▶ **EXERCISE DETAILS**: Retype precisely the section of the data that starts at the line containing "This sheet shows" and runs to its final line, ends included.

(Entries taken from a collection)

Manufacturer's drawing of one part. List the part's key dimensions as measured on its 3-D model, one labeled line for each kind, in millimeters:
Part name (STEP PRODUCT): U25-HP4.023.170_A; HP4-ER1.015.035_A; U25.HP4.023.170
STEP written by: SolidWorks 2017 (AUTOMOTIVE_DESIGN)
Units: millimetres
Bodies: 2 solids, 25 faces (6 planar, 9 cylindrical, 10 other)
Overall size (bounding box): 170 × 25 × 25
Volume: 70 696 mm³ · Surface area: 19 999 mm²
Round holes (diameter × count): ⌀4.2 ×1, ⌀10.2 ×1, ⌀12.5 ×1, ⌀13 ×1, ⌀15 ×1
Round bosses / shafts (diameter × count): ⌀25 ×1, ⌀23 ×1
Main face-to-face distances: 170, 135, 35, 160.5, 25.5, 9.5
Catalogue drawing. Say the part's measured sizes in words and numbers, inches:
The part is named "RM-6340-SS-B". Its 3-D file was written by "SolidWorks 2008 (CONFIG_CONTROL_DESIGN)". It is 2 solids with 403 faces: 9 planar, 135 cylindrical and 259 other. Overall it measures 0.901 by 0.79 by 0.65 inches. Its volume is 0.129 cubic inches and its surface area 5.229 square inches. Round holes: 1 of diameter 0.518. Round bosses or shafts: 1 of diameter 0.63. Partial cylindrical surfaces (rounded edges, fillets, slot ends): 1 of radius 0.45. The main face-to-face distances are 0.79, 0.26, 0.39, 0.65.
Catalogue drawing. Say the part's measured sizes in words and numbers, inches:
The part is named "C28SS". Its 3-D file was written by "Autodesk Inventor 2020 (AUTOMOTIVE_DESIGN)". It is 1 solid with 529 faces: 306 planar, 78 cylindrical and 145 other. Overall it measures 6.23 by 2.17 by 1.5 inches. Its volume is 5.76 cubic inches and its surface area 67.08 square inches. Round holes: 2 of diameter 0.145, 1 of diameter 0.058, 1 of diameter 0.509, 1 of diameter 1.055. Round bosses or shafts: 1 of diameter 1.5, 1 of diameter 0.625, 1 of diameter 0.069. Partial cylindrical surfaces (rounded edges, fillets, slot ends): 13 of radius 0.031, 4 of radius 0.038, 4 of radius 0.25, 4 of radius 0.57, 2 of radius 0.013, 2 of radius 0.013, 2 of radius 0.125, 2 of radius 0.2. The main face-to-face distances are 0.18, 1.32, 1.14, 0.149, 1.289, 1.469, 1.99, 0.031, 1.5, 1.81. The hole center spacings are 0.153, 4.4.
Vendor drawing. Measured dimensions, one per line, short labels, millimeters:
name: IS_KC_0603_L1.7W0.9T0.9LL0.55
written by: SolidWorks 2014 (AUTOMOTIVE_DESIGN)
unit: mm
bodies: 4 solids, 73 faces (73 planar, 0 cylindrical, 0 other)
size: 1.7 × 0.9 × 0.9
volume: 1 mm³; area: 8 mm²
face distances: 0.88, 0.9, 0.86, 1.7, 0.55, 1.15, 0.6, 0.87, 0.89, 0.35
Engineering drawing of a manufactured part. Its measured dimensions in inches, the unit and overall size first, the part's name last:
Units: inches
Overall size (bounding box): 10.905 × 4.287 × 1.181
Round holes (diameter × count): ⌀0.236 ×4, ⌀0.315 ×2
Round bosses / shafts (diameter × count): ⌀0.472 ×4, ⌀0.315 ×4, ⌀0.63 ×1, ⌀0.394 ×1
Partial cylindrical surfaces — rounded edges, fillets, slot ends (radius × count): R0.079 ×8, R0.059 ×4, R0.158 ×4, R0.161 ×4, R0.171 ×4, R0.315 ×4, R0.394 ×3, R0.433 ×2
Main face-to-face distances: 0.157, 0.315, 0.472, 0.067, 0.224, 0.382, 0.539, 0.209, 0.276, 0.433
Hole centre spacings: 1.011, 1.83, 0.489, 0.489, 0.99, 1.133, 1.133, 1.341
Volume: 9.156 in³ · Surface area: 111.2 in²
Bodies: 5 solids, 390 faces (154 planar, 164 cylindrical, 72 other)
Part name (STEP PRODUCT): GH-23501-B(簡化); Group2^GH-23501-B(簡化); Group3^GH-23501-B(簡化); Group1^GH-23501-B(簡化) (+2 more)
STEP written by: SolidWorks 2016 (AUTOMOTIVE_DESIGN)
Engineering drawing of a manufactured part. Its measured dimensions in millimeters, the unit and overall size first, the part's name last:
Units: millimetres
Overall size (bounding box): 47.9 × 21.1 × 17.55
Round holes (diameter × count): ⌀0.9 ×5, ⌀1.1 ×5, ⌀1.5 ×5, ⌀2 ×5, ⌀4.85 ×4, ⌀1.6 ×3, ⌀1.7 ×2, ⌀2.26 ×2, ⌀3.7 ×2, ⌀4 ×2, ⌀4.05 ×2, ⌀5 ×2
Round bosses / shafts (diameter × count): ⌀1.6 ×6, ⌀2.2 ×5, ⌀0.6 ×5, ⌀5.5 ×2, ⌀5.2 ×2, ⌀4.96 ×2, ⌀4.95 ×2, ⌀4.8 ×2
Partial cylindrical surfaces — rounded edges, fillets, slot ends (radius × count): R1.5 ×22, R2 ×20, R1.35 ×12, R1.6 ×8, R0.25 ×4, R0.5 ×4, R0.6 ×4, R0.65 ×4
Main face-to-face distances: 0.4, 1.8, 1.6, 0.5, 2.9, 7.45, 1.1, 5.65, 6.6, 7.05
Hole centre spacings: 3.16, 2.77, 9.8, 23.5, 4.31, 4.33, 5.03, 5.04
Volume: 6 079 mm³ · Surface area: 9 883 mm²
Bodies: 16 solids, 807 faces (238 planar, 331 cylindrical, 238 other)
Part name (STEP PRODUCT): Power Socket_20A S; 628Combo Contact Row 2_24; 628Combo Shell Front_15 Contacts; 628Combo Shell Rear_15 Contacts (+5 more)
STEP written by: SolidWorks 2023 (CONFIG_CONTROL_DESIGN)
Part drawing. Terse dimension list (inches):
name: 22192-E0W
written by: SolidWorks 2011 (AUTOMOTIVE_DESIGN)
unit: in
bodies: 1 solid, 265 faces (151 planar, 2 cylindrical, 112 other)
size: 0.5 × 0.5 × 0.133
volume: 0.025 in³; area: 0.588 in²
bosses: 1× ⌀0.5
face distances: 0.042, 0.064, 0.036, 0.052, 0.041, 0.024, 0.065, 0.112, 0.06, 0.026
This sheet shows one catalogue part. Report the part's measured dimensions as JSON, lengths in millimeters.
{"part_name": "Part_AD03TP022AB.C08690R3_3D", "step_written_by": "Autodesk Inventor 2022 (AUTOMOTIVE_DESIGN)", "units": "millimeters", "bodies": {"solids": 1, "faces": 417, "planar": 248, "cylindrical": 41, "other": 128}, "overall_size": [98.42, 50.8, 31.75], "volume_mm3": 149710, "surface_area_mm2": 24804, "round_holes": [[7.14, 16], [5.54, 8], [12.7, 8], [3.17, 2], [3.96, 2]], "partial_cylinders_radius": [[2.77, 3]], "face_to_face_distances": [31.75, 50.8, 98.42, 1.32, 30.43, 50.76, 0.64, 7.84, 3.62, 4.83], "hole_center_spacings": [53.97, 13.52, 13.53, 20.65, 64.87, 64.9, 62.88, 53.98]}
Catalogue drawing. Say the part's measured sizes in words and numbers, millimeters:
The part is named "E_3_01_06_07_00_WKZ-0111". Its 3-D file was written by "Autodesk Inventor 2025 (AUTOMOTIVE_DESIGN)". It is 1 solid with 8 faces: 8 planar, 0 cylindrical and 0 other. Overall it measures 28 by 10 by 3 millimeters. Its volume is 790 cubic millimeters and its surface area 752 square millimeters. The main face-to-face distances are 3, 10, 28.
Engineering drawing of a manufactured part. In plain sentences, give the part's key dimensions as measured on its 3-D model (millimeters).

▶ **FINAL ANSWER**:
This sheet shows one catalogue part. Report the part's measured dimensions as JSON, lengths in millimeters.
{"part_name": "Part_AD03TP022AB.C08690R3_3D", "step_written_by": "Autodesk Inventor 2022 (AUTOMOTIVE_DESIGN)", "units": "millimeters", "bodies": {"solids": 1, "faces": 417, "planar": 248, "cylindrical": 41, "other": 128}, "overall_size": [98.42, 50.8, 31.75], "volume_mm3": 149710, "surface_area_mm2": 24804, "round_holes": [[7.14, 16], [5.54, 8], [12.7, 8], [3.17, 2], [3.96, 2]], "partial_cylinders_radius": [[2.77, 3]], "face_to_face_distances": [31.75, 50.8, 98.42, 1.32, 30.43, 50.76, 0.64, 7.84, 3.62, 4.83], "hole_center_spacings": [53.97, 13.52, 13.53, 20.65, 64.87, 64.9, 62.88, 53.98]}
Catalogue drawing. Say the part's measured sizes in words and numbers, millimeters:
The part is named "E_3_01_06_07_00_WKZ-0111". Its 3-D file was written by "Autodesk Inventor 2025 (AUTOMOTIVE_DESIGN)". It is 1 solid with 8 faces: 8 planar, 0 cylindrical and 0 other. Overall it measures 28 by 10 by 3 millimeters. Its volume is 790 cubic millimeters and its surface area 752 square millimeters. The main face-to-face distances are 3, 10, 28.
Engineering drawing of a manufactured part. In plain sentences, give the part's key dimensions as measured on its 3-D model (millimeters).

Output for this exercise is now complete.